The Western world , also known as the West and the Occident (Latin: occidens -sunset, -west, as distinct from the Orient), is a term that can have multiple meanings depending on its context (e.g., the time period, the region or social situation). Accordingly, the basic definition of what constitutes "the West" varies, expanding and contracting over time, in relation to various historical circumstances.

The consensus is that the West originated in the northern and eastern Mediterranean with ancient Greece and ancient Rome. Over time, their associated empires grew first to the east and south, conquering and absorbing many older great civilizations; later, they grew to the north and west to include Western Europe.

Other historians, such as Carroll Quigley ( Evolution of Civilizations ), contend that Western Civilization was born around 400 AD, after the total collapse of the Western Roman Empire, leaving a vacuum for new ideas to flourish that were impossible in Classical societies. In either view, between the fall of the Western Roman Empire and the Renaissance, the West experienced a period of considerable decline, known as the Middle Ages, which include the Dark Ages and the Crusades.

The knowledge of the ancient Western world was partly preserved during this period due to the survival of the Eastern Roman Empire; it was also greatly expanded by the Arab World, and mostly by the concurrent ascendency of the Islamic Golden Age. The Arab importation of both the Ancient and new technology from the Middle East and the Orient to Renaissance Europe represented “one of the largest technology transfers in world history.”

Since the Renaissance, the West evolved beyond the influence of the ancient Greeks, Romans and Muslims due to the Commercial, Scientific, and Industrial Revolutions, and the expansion of the Christian peoples of Western European empires, and particularly the globe-spanning empires of the eighteenth and nineteenth centuries. Since the Age of Discovery and Columbus, the notion of the West expanded to include the Americas, though much of the Americas have considerable pre-Western cultural influence. Most countries of Latin America, Australia and New Zealand are considered part of Western culture due to their former status as settler colonies of Western Christian nations. Generally speaking, the current consensus would locate the West, at the very least, in the cultures and peoples of Europe, North America (namely Canada, U.S., and Mexico), most countries in South America, Australia and New Zealand. There is debate among some as to whether Eastern Europe is in a category of its own. Culturally Eastern Europe is usually more or less accepted into the 'West', mainly because of its geographic location in what is mostly Europe (and cultural ties). It, however, does not fill the traditional economic and living standard criteria which one associates with "The West".

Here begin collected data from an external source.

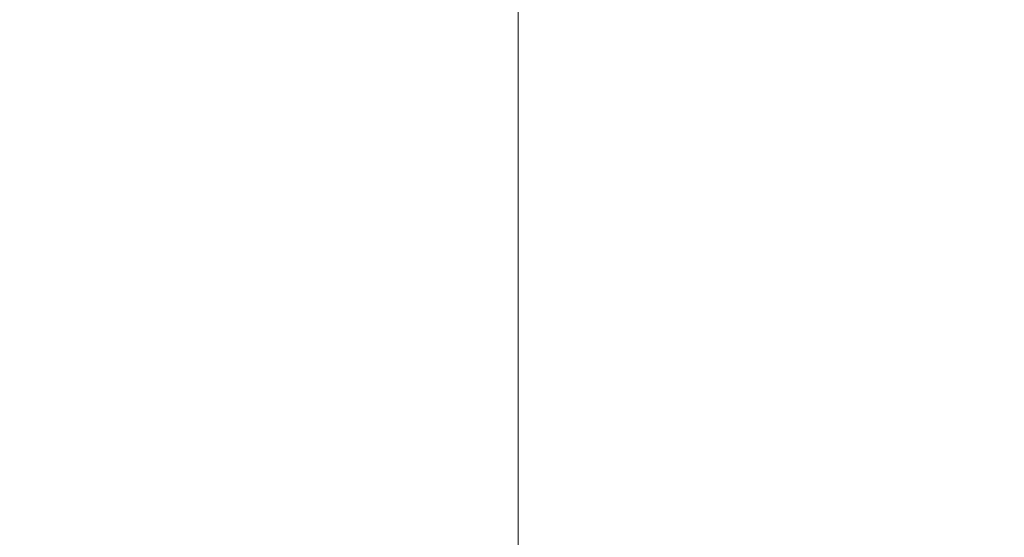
# Model space of a CAD drawing. Header units: millimetres. Extents: x -276 to 275, y -103 to 102.
# Tile 114 of 256: x -6.03855 to -6.03595, y -17.99933 to -17.99796. Entities that reach past the tile are written whole.
import ezdxf

# ---------------------------------------------------------------- set-up
doc = ezdxf.new("R2010")
doc.units = ezdxf.units.MM
doc.layers.add('G-IMPT', color=8, linetype='Continuous')

# ---------------------------------------------------------------- blocks, each defined once
blk = doc.blocks.new('QS5590_dwg-72702-View 1')
at = {"layer": 'G-IMPT', "lineweight": 9}
mesh = blk.add_polyface(dxfattribs=at)
corners = [(-12.0155445, -18.0000005, 4.3211525), (-12.0155445, -13.0000002, 4.3211525), (-10.6249999, -13.0000002, 5.412659), (-8.9844557, -13.0000002, 6.0711524), (-8.9844557, -18.0000005, 6.0711524), (-10.6249999, -18.0000005, 5.412659)]
mesh.append_faces([[corners[k] for k in face] for face in [(2, 3, 4, 5), (5, 0, 1, 2)]], dxfattribs={"vtx3": -1})
mesh = blk.add_polyface(dxfattribs=at)
corners = [(-7.4999998, -13.0000002, 6.9282035), (-7.4999998, -18.0000005, 6.9282035), (-8.9844557, -18.0000005, 6.0711524), (-8.9844557, -13.0000002, 6.0711524)]
mesh.append_faces([[corners[k] for k in face] for face in [(0, 1, 2, 3)]])
mesh = blk.add_polyface(dxfattribs=at)
corners = [(-7.4999998, -18.0000005, 6.9282035), (-7.4999998, -13.0000002, 6.9282035), (-6.0155445, -13.0000002, 6.0711524), (-6.0155445, -18.0000005, 6.0711524)]
mesh.append_faces([[corners[k] for k in face] for face in [(0, 1, 2, 3)]])
mesh = blk.add_polyface(dxfattribs=at)
corners = [(-6.0155445, -18.0000005, 6.0711524), (-6.0155445, -13.0000002, 6.0711524), (-4.3750001, -13.0000002, 5.412659), (-2.9844554, -13.0000002, 4.3211525), (-2.9844554, -18.0000005, 4.3211525), (-4.3750001, -18.0000005, 5.412659)]
mesh.append_faces([[corners[k] for k in face] for face in [(3, 4, 5, 2), (0, 1, 2, 5)]], dxfattribs={"vtx2": -1})

msp = doc.modelspace()

# ---------------------------------------------------------------- block references
at = {"layer": 'G-IMPT', "lineweight": 9, "extrusion": (-1, 0, 0), "rotation": 90}
msp.add_blockref('QS5590_dwg-72702-View 1', (0, 37.0838961, -0.0339207), dxfattribs=at)

doc.saveas('drawing.dxf')
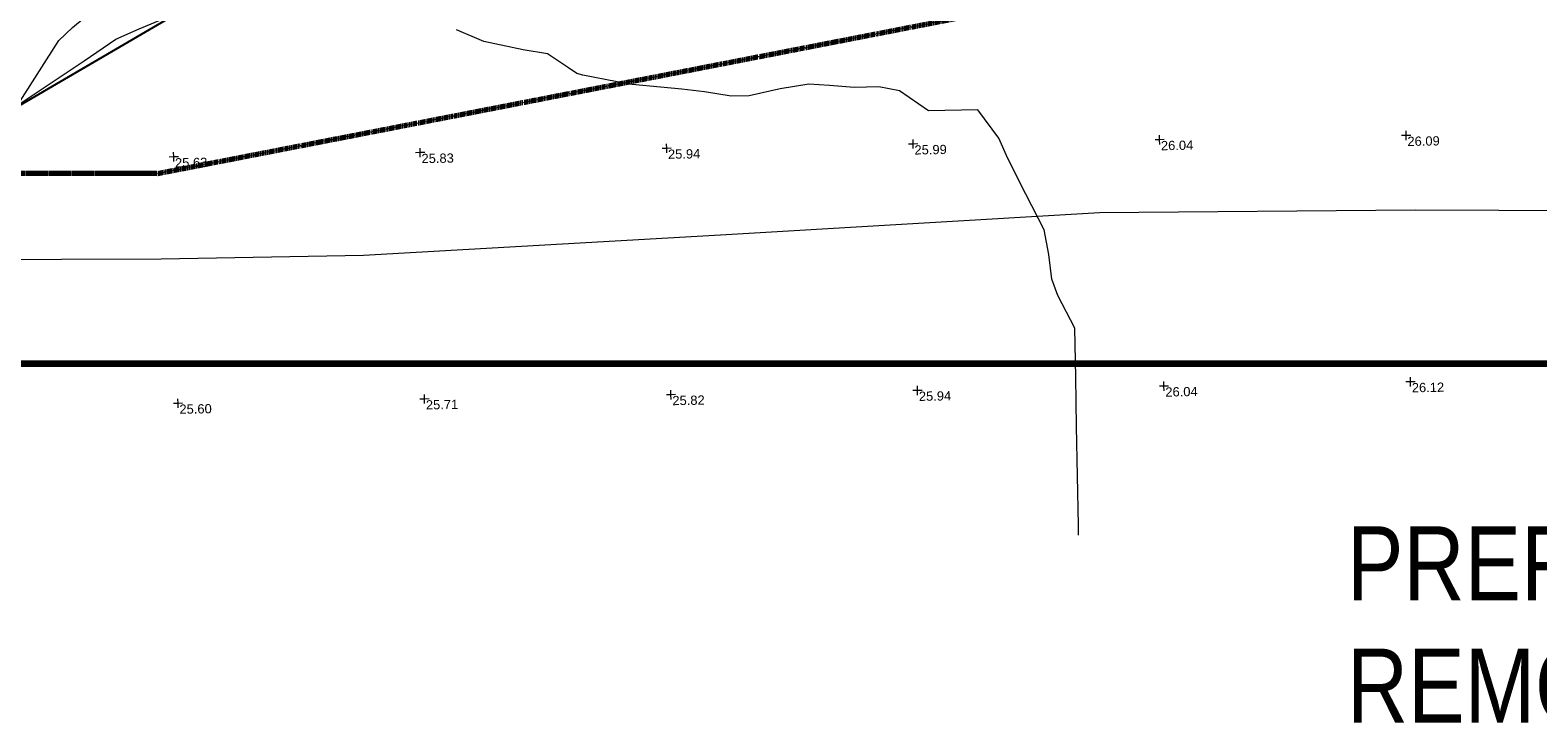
# Model space of a CAD drawing. Header units: millimetres. Extents: x -290717 to 520720, y -88450 to 287762.
# Tile 211 of 256: x -6642 to 54517, y -88450 to -60301. Entities that reach past the tile are written whole.
import ezdxf

# ---------------------------------------------------------------- set-up
doc = ezdxf.new("R2010")
doc.units = ezdxf.units.MM
doc.linetypes.add('Dash 1_5mm', pattern=[3, 1.5, -1.5])
doc.linetypes.add('IMPORT-UG_ELEC_STREET LIGHTING_QLB2 _2_', pattern=[2700, 1500, -300, 0, -250, 150, -300, 0, -200])
for name, color, linetype, lineweight, true_color in [('00_UAV_FORM_LINES', 7, 'Continuous', 9, 0x666666), ('00_UAV_LEVEL_SPOT', 7, 'Continuous', 9, 0x666666), ('01_DTM_CONTOUR_MNR', 7, 'Continuous', 9, 0xa5a552), ('12333-PUM-2D-U-0001-C01 - Rev2_REVIT IMPORT_dwg', 7, 'Continuous', 9, 0x767676), ('A_RHA_Line', 7, 'Continuous', 9, 0x00a600), ('PUM-SURVEY BOUNDARY_EXTENT', 190, 'Continuous', 25, 0x7f00ff)]:
    doc.layers.add(name, color=color, linetype=linetype, lineweight=lineweight, true_color=true_color)
doc.layers.add('A_RHA_Text', color=7, linetype='Continuous', lineweight=9)
doc.styles.add('Arial Narrow', font='ARIALN.TTF', dxfattribs={"height": 3000})
doc.styles.add('Swis721 Lt BT_2', font='swissl.ttf', dxfattribs={"height": 375})

# ---------------------------------------------------------------- blocks, each defined once
blk = doc.blocks.new('12333-PUM-2D-U-0001-C01 - Rev2_REVIT IMPORT_dwg_UAV-2077255-Site Location Plan Existing')
at = {"layer": '00_UAV_LEVEL_SPOT', "color": 254, "true_color": 0xcccccc, "flags": 128}
for points in [[(0, -500), (0, 0), (-500, 0)], [(500, 0), (0, 0), (0, 500)]]:
    blk.add_lwpolyline(points, dxfattribs=at)
blk = doc.blocks.new('12333-PUM-2D-U-0001-C01 - Rev2_REVIT IMPORT_dwg_MGS62954_T2_Galway_ITM_3d_Rev1-2077680-Site Location Plan Existing')
at = {"layer": '00_UAV_FORM_LINES', "color": 254, "true_color": 0xcccccc, "flags": 128}
for points in [[(533831931, 725487252), (533836707, 725487012), (533843103, 725486919), (533852253, 725486646), (533861537, 725486403), (533870384, 725486169), (533879905, 725486084), (533891316, 725485996), (533899413, 725485873), (533907625, 725485874), (533922115, 725486451), (533937507, 725487093), (533950310, 725486974), (533967285, 725486613), (533966829, 725495200), (533966276, 725505611)], [(533891286, 725491220), (533893030, 725491782), (533896430, 725493957), (533897741, 725494819), (533898692, 725495219), (533900317, 725495866), (533903699, 725495954), (533912697, 725496981), (533920853, 725498281), (533931738, 725500080), (533941065, 725501494), (533944285, 725501641), (533950869, 725502586), (533951667, 725502741), (533952813, 725503074), (533955029, 725503938), (533956274, 725504396), (533960713, 725504932)]]:
    blk.add_lwpolyline(points, dxfattribs=at)
at = {"layer": '01_DTM_CONTOUR_MNR', "color": 254, "true_color": 0xcccccc, "flags": 128}
for points in [[(533936430, 725474008), (533936430, 725474420), (533936430, 725476420), (533936430, 725478420), (533936430, 725480420), (533936430, 725482420), (533935763, 725483753), (533935529, 725484420), (533935430, 725485420), (533935249, 725486420), (533934540, 725487880), (533933831, 725489340), (533933483, 725490173), (533932650, 725491340), (533930650, 725491340), (533929483, 725492173), (533928650, 725492340), (533927650, 725492340), (533926650, 725492439), (533925817, 725492507), (533924650, 725492340), (533923385, 725492075), (533922650, 725492075), (533921579, 725492269), (533920650, 725492396), (533919795, 725492485), (533918650, 725492618), (533918040, 725492730), (533916650, 725493025), (533916414, 725493104), (533916079, 725493340), (533915229, 725493919), (533914244, 725494099), (533912665, 725494468), (533911562, 725494959)], [(533893710, 725492220), (533895420, 725494804), (533895988, 725495326), (533896860, 725496030), (533896597, 725498093), (533896486, 725500682), (533896553, 725502977), (533896555, 725503031), (533896486, 725503840), (533895940, 725506870), (533895952, 725508622), (533892903, 725508704)]]:
    blk.add_lwpolyline(points, dxfattribs=at)
at = {"xscale": 0.375, "yscale": 0.375, "zscale": 0.375}
for p in [(533900000, 725490000), (533910000, 725490000), (533920000, 725490000), (533930000, 725490000), (533940000, 725490000), (533950000, 725490000), (533900000, 725480000), (533910000, 725480000), (533920000, 725480000), (533930000, 725480000), (533940000, 725480000), (533950000, 725480000)]:
    blk.add_blockref('12333-PUM-2D-U-0001-C01 - Rev2_REVIT IMPORT_dwg_UAV-2077255-Site Location Plan Existing', p, dxfattribs=at)
at = {"layer": '00_UAV_LEVEL_SPOT', "char_height": 375, "width": 1495.9, "attachment_point": 1, "line_spacing_factor": 1.005062, "style": 'Swis721 Lt BT_2'}
for s, insert in [('25.63', (533900048, 725489947)), ('25.83', (533910048, 725489947)), ('25.94', (533920048, 725489947)), ('25.99', (533930048, 725489947)), ('26.04', (533940048, 725489947)), ('26.09', (533950048, 725489947)), ('25.60', (533900052, 725479949)), ('25.71', (533910052, 725479949)), ('25.82', (533920052, 725479949)), ('25.94', (533930052, 725479949)), ('26.04', (533940052, 725479949)), ('26.12', (533950052, 725479949))]:
    blk.add_mtext(s, dxfattribs=dict(at, insert=insert))
blk = doc.blocks.new('12333-PUM-2D-U-0001-C01 - Rev2_REVIT IMPORT_dwg-1620468-Site Location Plan Existing')
at = {"layer": 'PUM-SURVEY BOUNDARY_EXTENT', "color": 201, "true_color": 0xd4aaff, "flags": 128}
blk.add_lwpolyline([(251950, -124072), (259237, -119988), (323874, -112520), (334940, -105533), (357850, -103777), (392540, -99127), (407227, -92450), (410397, -84600), (409218, -80398), (407088, -76497), (402381, -67044), (394609, -62225), (368049, -53126), (365752, -39739), (374423, -19957), (379271, -1194)], dxfattribs=at)
blk.add_blockref('12333-PUM-2D-U-0001-C01 - Rev2_REVIT IMPORT_dwg_MGS62954_T2_Galway_ITM_3d_Rev1-2077680-Site Location Plan Existing', (-533641080, -725615854))

msp = doc.modelspace()

# ---------------------------------------------------------------- linework, layer by layer
at = {"layer": 'A_RHA_Line', "color": 30, "linetype": 'Dash 1_5mm', "lineweight": 70, "true_color": 0xff8000}
for q in [(142564, -38119), (142564, -38119), (-21789, -66121), (-21789, -66121)]:
    msp.add_line((-1495, -66121), q, dxfattribs=at)
at = {"layer": 'A_RHA_Line', "color": 1, "lineweight": 140, "true_color": 0xff0000}
msp.add_line((-217182, -73821), (190683, -73821), dxfattribs=at)

# ---------------------------------------------------------------- block references
at = {"layer": '12333-PUM-2D-U-0001-C01 - Rev2_REVIT IMPORT_dwg', "color": 254, "linetype": 'IMPORT-UG_ELEC_STREET LIGHTING_QLB2 _2_', "true_color": 0xffd4d4, "rotation": 0.9999999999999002}
msp.add_blockref('12333-PUM-2D-U-0001-C01 - Rev2_REVIT IMPORT_dwg-1620468-Site Location Plan Existing', (-261895, 55870), dxfattribs=at)

# ---------------------------------------------------------------- next in the draw order: texts
at = {"layer": 'A_RHA_Text', "lineweight": 35, "char_height": 3000, "attachment_point": 1, "style": 'Arial Narrow', "bg_fill": 3, "box_fill_scale": 1.25, "bg_fill_color": 256, "bg_fill_true_color": 13158600, "bg_fill_transparency": 0}
for s, insert, width in [('PREFAB TO BE ', (46774, -80436), 31907.16), ('REMOVED', (46774, -85397), 21324.89)]:
    msp.add_mtext(s, dxfattribs=dict(at, insert=insert, width=width))

# ---------------------------------------------------------------- next in the draw order: texts
for s, insert, width in [('PREFAB TO BE ', (46774, -80436), 31907.16), ('REMOVED', (46774, -85397), 21324.89)]:
    msp.add_mtext(s, dxfattribs=dict(at, insert=insert, width=width))

doc.saveas('drawing.dxf')

When referring to current events, the term "Western World" often includes developed countries in Asia, such as Japan, Singapore, Taiwan, and South Korea, that have strong economic, political and military ties to Western Europe, NATO or the United States. While these countries also have substantial Western influence and similarities in their cultures, they nonetheless maintain largely different and distinctive cultures, religions (although Christianity is a major religion in South Korea), languages, customs, and worldviews that are products of their own indigenous development, rather than solely Western influences.

Japan and South Korea, in particular, are the only Asian members of the Organisation for Economic Co-operation and Development (OECD) and the two leading full democracies in Asia, having a high standard of living and a high level of human development. All of these are amongst the generally accepted political or economic characteristics of Western nations.

Historic Criteria of West in the European Continent

Medieval appearance of parliaments (the dietal-system), self-government status of big royal/imperial cities, medieval appearance of banking systems and social effects and status of urban bourgeoisie, medieval appearance of universities and the medieval appearance of secular intellectuals, PhilosophY Scholasticism and humanist philosophy,the knight-culture and the effects of crusades in the Holy Land, medieval usage of Latin alphabet and medieval spread of movable type printing, The medieval western theatre: Mystery or cycle plays and morality passion plays, The architecture and fine-arts: Romanesque Gothic and Renaissance styles.

Western Culture

Main article: Western cultureFurther information: History of Western civilization

The term "Western culture" is used very broadly to refer to a heritage of social norms, ethical values, traditional customs, religious beliefs, political systems, and specific artifacts and technologies. Specifically, Western culture may imply:

The concept of Western culture is generally linked to the classical definition of the Western world. In this definition, Western culture is the set of literary, scientific, political, artistic and philosophical principles which set it apart from other civilizations. Much of this set of traditions and knowledge is collected in the Western canon.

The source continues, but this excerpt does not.